# Poppy Patch Hardly An Angel,Day 147! fluffy pics 4



## mommaB (Oct 1, 2009)

Soooooo close now!!!! I can't wait!!!! She's lookin good. Thinkin twins.._Maybe_ trips, we'll see??

























She's not super wide but she is deep. Sorry bout that last pic, I could not get a good side view of her?


----------



## Kimmerz Cali Kidz (Apr 30, 2011)

*Re: Poppy Patch Hardly An Angel aka Bobbie. Day 120!!!!! Eee*

:leap: She looks sooooo good! Can't wait to see them cuties!!


----------



## milk and honey (Oct 31, 2010)

*Re: Poppy Patch Hardly An Angel aka Bobbie. Day 120!!!!! Eee*

Oh man, how exciting! I have a poppypatch doe I'm waiting for her to be bred...than I'll play the waiting ge too! Good luck!


----------



## liz (Oct 5, 2007)

*Re: Poppy Patch Hardly An Angel aka Bobbie. Day 120!!!!! Eee*

As deep as she is, I'd say triplets.....but twins are more likely. She's a pretty girl! Hope you get doelings from her!


----------



## freedomstarfarm (Mar 25, 2011)

*Re: Poppy Patch Hardly An Angel aka Bobbie. Day 120!!!!! Eee*

She is looking good! Hope there are a few :kidred: :kidder: in there for you!


----------



## toth boer goats (Jul 20, 2008)

*Re: Poppy Patch Hardly An Angel aka Bobbie. Day 120!!!!! Eee*

pretty Doe...can't wait....... :thumb:


----------



## mommaB (Oct 1, 2009)

*Re: Poppy Patch Hardly An Angel aka Bobbie. Day 120!!!!! Eee*

Thanks guys!! It's nice to be able to share with people who "get" my excitement!!
I'm really hoping for a buck and two does  but would definitely settle for :kidblue: :kidred: one of each!! :wink:


----------



## toth boer goats (Jul 20, 2008)

*Re: Poppy Patch Hardly An Angel aka Bobbie. Day 120!!!!! Eee*

:thumbup: :kidblue: :kidred: :kidred: ray: :thumb:


----------



## mommaB (Oct 1, 2009)

*Re: Poppy Patch Hardly An Angel,Day 143!!!!! Eeeekk new pics*

SO here we are!!!! Sooooo :leap: excited!! Pics are a couple of posts down!
:stars:


----------



## Calico Patch Farm (Mar 8, 2011)

*Re: Poppy Patch Hardly An Angel,Day 143!!!!! Eeeekk new pics*

Wow she is huge!!!


----------



## kelebek (Oct 5, 2007)

*Re: Poppy Patch Hardly An Angel,Day 143!!!!! Eeeekk new pics*

Holy cow - she better have trips - cause one is sneaking to TX with me!!!


----------



## freedomstarfarm (Mar 25, 2011)

*Re: Poppy Patch Hardly An Angel,Day 143!!!!! Eeeekk new pics*

She is looking great! Nice healthy kids for you!


----------



## mommaB (Oct 1, 2009)

*Re: Poppy Patch Hardly An Angel,Day 143!!!!! Eeeekk new pics*

Ok after seeing those pics posted, they looked like crap!!! So I promptly went and gave her her prenatal hoof trim, and shaved her! 
She is a gorgeous doe and deserved more flattering pics!

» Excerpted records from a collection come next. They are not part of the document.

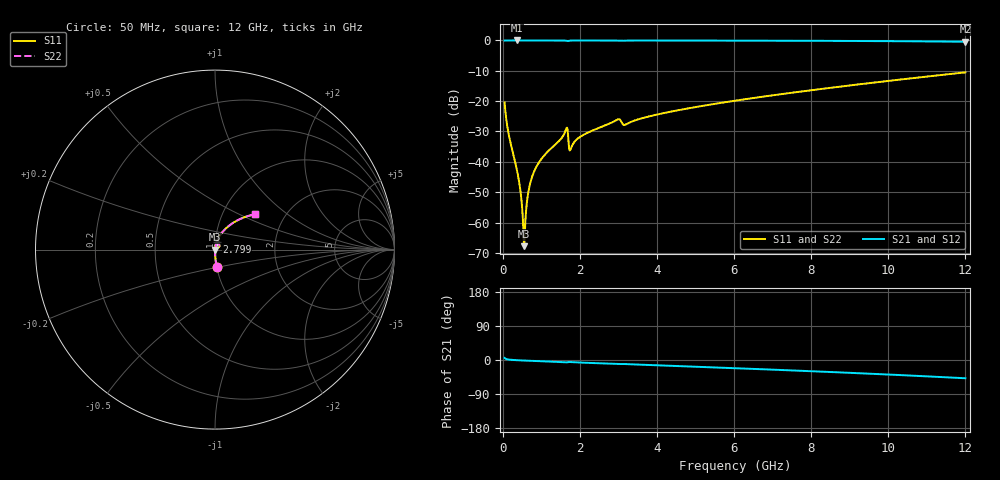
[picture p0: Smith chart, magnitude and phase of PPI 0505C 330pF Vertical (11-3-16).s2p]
# GHz S MA R 50
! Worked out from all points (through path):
!   1601 points, 50 MHz to 12 GHz, reference 50 ohm
!   highest |S21| = 0.00 dB at 363.7 MHz (marker M1); lowest = -0.4 dB at 12 GHz (marker M2)
!   group delay of S21, straight-line fit = 11.1 ps
!   lowest |S11| = -67.8 dB at 557.9 MHz (marker M3), VSWR 1.00, Z = 50 + j0.0039 ohm
!   |S11| at or under -10 dB: start of sweep to end of sweep
!   |S22| runs from -67.8 to -10.5 dB; largest |S21 - S12| = 0
!   S11 on the Smith chart (normalised r, x): 50 MHz: 1.00, -0.19; 2.799 GHz: 1.01, +0.09; 12 GHz: 1.42, +0.61
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0.05  0.09514 -84.6  0.9953 5.3  0.9953 5.3  0.09514 -84.6
0.1695  0.02579 -88.4  0.9994 1.0  0.9994 1.0  0.02579 -88.4
0.3636875  0.007612 -87.9  0.9996 -0.5  0.9996 -0.5  0.007612 -87.9
0.4458437  0.003899 -85.5  0.9996 -1.0  0.9996 -1.0  0.003899 -85.5
0.5205313  0.001224 -72.5  0.9996 -1.3  0.9996 -1.3  0.001224 -72.5
0.557875  0.0004075 5.5  0.9996 -1.5  0.9996 -1.5  0.0004075 5.5
0.5952188  0.001252 69.0  0.9995 -1.6  0.9995 -1.6  0.001252 69.0
0.6549687  0.0029 79.6  0.9995 -1.9  0.9995 -1.9  0.0029 79.6
0.7221875  0.004648 82.3  0.9995 -2.2  0.9995 -2.2  0.004648 82.3
0.8192812  0.007002 83.6  0.9995 -2.6  0.9995 -2.6  0.007002 83.6
0.9537187  0.01005 84.0  0.9994 -3.1  0.9994 -3.1  0.01005 84.0
1.625906  0.03208 73.2  0.9934 -6.1  0.9934 -6.1  0.03208 73.2
1.775281  0.01694 70.9  0.9958 -5.6  0.9958 -5.6  0.01694 70.9
2.044156  0.02666 80.9  0.9985 -6.9  0.9985 -6.9  0.02666 80.9
2.7985  0.0434 77.9  0.9972 -9.9  0.9972 -9.9  0.0434 77.9
3.000156  0.05041 70.3  0.9907 -10.8  0.9907 -10.8  0.05041 70.3
3.179406  0.04083 71.0  0.9931 -10.7  0.9931 -10.7  0.04083 71.0
4.038312  0.0608 74.9  0.9968 -14.1  0.9968 -14.1  0.0608 74.9
6.025  0.1016 67.7  0.9933 -21.6  0.9933 -21.6  0.1016 67.7
8.019156  0.1518 59.9  0.9865 -29.6  0.9865 -29.6  0.1518 59.9
10.01331  0.2159 51.2  0.9741 -38.4  0.9741 -38.4  0.2159 51.2
12  0.2978 41.4  0.9517 -48.2  0.9517 -48.2  0.2978 41.4
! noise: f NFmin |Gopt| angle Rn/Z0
0.05  0.0003103  0.8329  0.224  0.0003918
1.372  0.003257  0.6151  3.488  0.001572
2.701  0.005955  0.592  6.79  0.002666
4.031  0.006962  0.5078  9.766  0.002439
5.36  0.0082  0.4626  12.48  0.002543
6.682  0.009738  0.445  15.12  0.002876
8.012  0.0114  0.4377  17.66  0.00329
9.341  0.01322  0.4379  20.13  0.003791
10.67  0.01522  0.4445  22.55  0.004408
12  0.01749  0.457  24.97  0.005187

OK NOW I'M REALLY EXCITED!! Her udder is looking SUPER!!! Loving the fore udder!


----------



## liz (Oct 5, 2007)

*Re: Poppy Patch Hardly An Angel,Day 143!!!!! Eeeekk new pics*

Tisie...she is a beautiful doe! Amazing how they can change appearance once they get a haircut.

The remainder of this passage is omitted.